PROBLEM REQUIREMENTS. What you return must match the records below character for character, except that no picture appears.

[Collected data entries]
══════════════════════════════
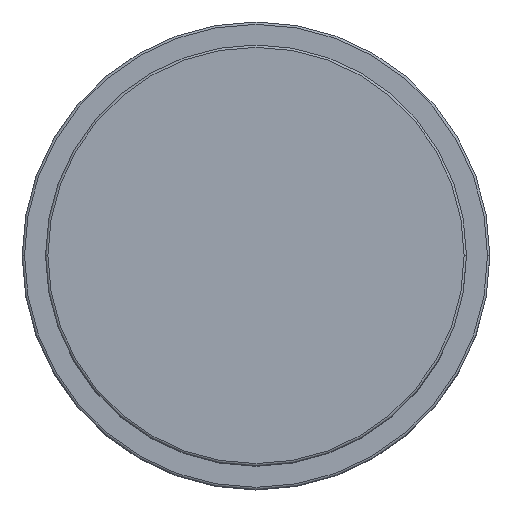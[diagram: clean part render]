
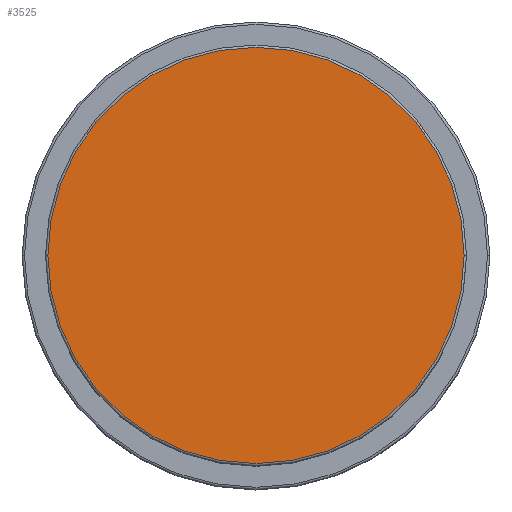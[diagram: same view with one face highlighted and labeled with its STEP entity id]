
A CAD part, top view. The second image highlights one B-rep face of the part: STEP entity #3525.
In plain terms, the highlighted planar face has unit normal (0, 0, 1).
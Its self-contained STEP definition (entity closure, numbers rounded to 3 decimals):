
#386 = EDGE_CURVE ( 'NONE', #6945, #3837, #6954, .T. ) ;
#444 = ORIENTED_EDGE ( 'NONE', *, *, #386, .T. ) ;
#577 = CARTESIAN_POINT ( 'NONE',  ( 44.5, 0., 67. ) ) ;
#603 = DIRECTION ( 'NONE',  ( 1., 0., 0. ) ) ;
#777 = DIRECTION ( 'NONE',  ( 0., 0., 1. ) ) ;
#1694 = DIRECTION ( 'NONE',  ( 0., 0., 1. ) ) ;
#2444 = CARTESIAN_POINT ( 'NONE',  ( 0., 0., 67. ) ) ;
#2663 = FACE_OUTER_BOUND ( 'NONE', #5257, .T. ) ;
#2717 = AXIS2_PLACEMENT_3D ( 'NONE', #2444, #4052, #6354 ) ;
#3156 = AXIS2_PLACEMENT_3D ( 'NONE', #5618, #1694, #603 ) ;
#3525 = ADVANCED_FACE ( 'NONE', ( #2663 ), #6890, .T. ) ;
#3837 = VERTEX_POINT ( 'NONE', #577 ) ;
#3861 = CARTESIAN_POINT ( 'NONE',  ( -44.5, 0., 67. ) ) ;
#3926 = CIRCLE ( 'NONE', #2717, 44.5 ) ;
#4052 = DIRECTION ( 'NONE',  ( 0., 0., 1. ) ) ;
#5257 = EDGE_LOOP ( 'NONE', ( #6441, #444 ) ) ;
#5618 = CARTESIAN_POINT ( 'NONE',  ( 0., 0., 67. ) ) ;
#6354 = DIRECTION ( 'NONE',  ( 1., 0., 0. ) ) ;
#6382 = DIRECTION ( 'NONE',  ( 1., 0., 0. ) ) ;
#6441 = ORIENTED_EDGE ( 'NONE', *, *, #7083, .T. ) ;
#6890 = PLANE ( 'NONE',  #6957 ) ;
#6907 = CARTESIAN_POINT ( 'NONE',  ( 0., 0., 67. ) ) ;
#6945 = VERTEX_POINT ( 'NONE', #3861 ) ;
#6954 = CIRCLE ( 'NONE', #3156, 44.5 ) ;
#6957 = AXIS2_PLACEMENT_3D ( 'NONE', #6907, #777, #6382 ) ;
#7083 = EDGE_CURVE ( 'NONE', #3837, #6945, #3926, .T. ) ;
══════════════════════════════
TASK ANSWER.
[diagram: clean part render]
[diagram: same view with one face highlighted and labeled with its STEP entity id]
A CAD part, top view. The second image highlights one B-rep face of the part: STEP entity #3525.
In plain terms, the highlighted planar face has unit normal (0, 0, 1).
Its self-contained STEP definition (entity closure, numbers rounded to 3 decimals):
#386 = EDGE_CURVE ( 'NONE', #6945, #3837, #6954, .T. ) ;
#444 = ORIENTED_EDGE ( 'NONE', *, *, #386, .T. ) ;
#577 = CARTESIAN_POINT ( 'NONE',  ( 44.5, 0., 67. ) ) ;
#603 = DIRECTION ( 'NONE',  ( 1., 0., 0. ) ) ;
#777 = DIRECTION ( 'NONE',  ( 0., 0., 1. ) ) ;
#1694 = DIRECTION ( 'NONE',  ( 0., 0., 1. ) ) ;
#2444 = CARTESIAN_POINT ( 'NONE',  ( 0., 0., 67. ) ) ;
#2663 = FACE_OUTER_BOUND ( 'NONE', #5257, .T. ) ;
#2717 = AXIS2_PLACEMENT_3D ( 'NONE', #2444, #4052, #6354 ) ;
#3156 = AXIS2_PLACEMENT_3D ( 'NONE', #5618, #1694, #603 ) ;
#3525 = ADVANCED_FACE ( 'NONE', ( #2663 ), #6890, .T. ) ;
#3837 = VERTEX_POINT ( 'NONE', #577 ) ;
#3861 = CARTESIAN_POINT ( 'NONE',  ( -44.5, 0., 67. ) ) ;
#3926 = CIRCLE ( 'NONE', #2717, 44.5 ) ;
#4052 = DIRECTION ( 'NONE',  ( 0., 0., 1. ) ) ;
#5257 = EDGE_LOOP ( 'NONE', ( #6441, #444 ) ) ;
#5618 = CARTESIAN_POINT ( 'NONE',  ( 0., 0., 67. ) ) ;
#6354 = DIRECTION ( 'NONE',  ( 1., 0., 0. ) ) ;
#6382 = DIRECTION ( 'NONE',  ( 1., 0., 0. ) ) ;
#6441 = ORIENTED_EDGE ( 'NONE', *, *, #7083, .T. ) ;
#6890 = PLANE ( 'NONE',  #6957 ) ;
#6907 = CARTESIAN_POINT ( 'NONE',  ( 0., 0., 67. ) ) ;
#6945 = VERTEX_POINT ( 'NONE', #3861 ) ;
#6954 = CIRCLE ( 'NONE', #3156, 44.5 ) ;
#6957 = AXIS2_PLACEMENT_3D ( 'NONE', #6907, #777, #6382 ) ;
#7083 = EDGE_CURVE ( 'NONE', #3837, #6945, #3926, .T. ) ;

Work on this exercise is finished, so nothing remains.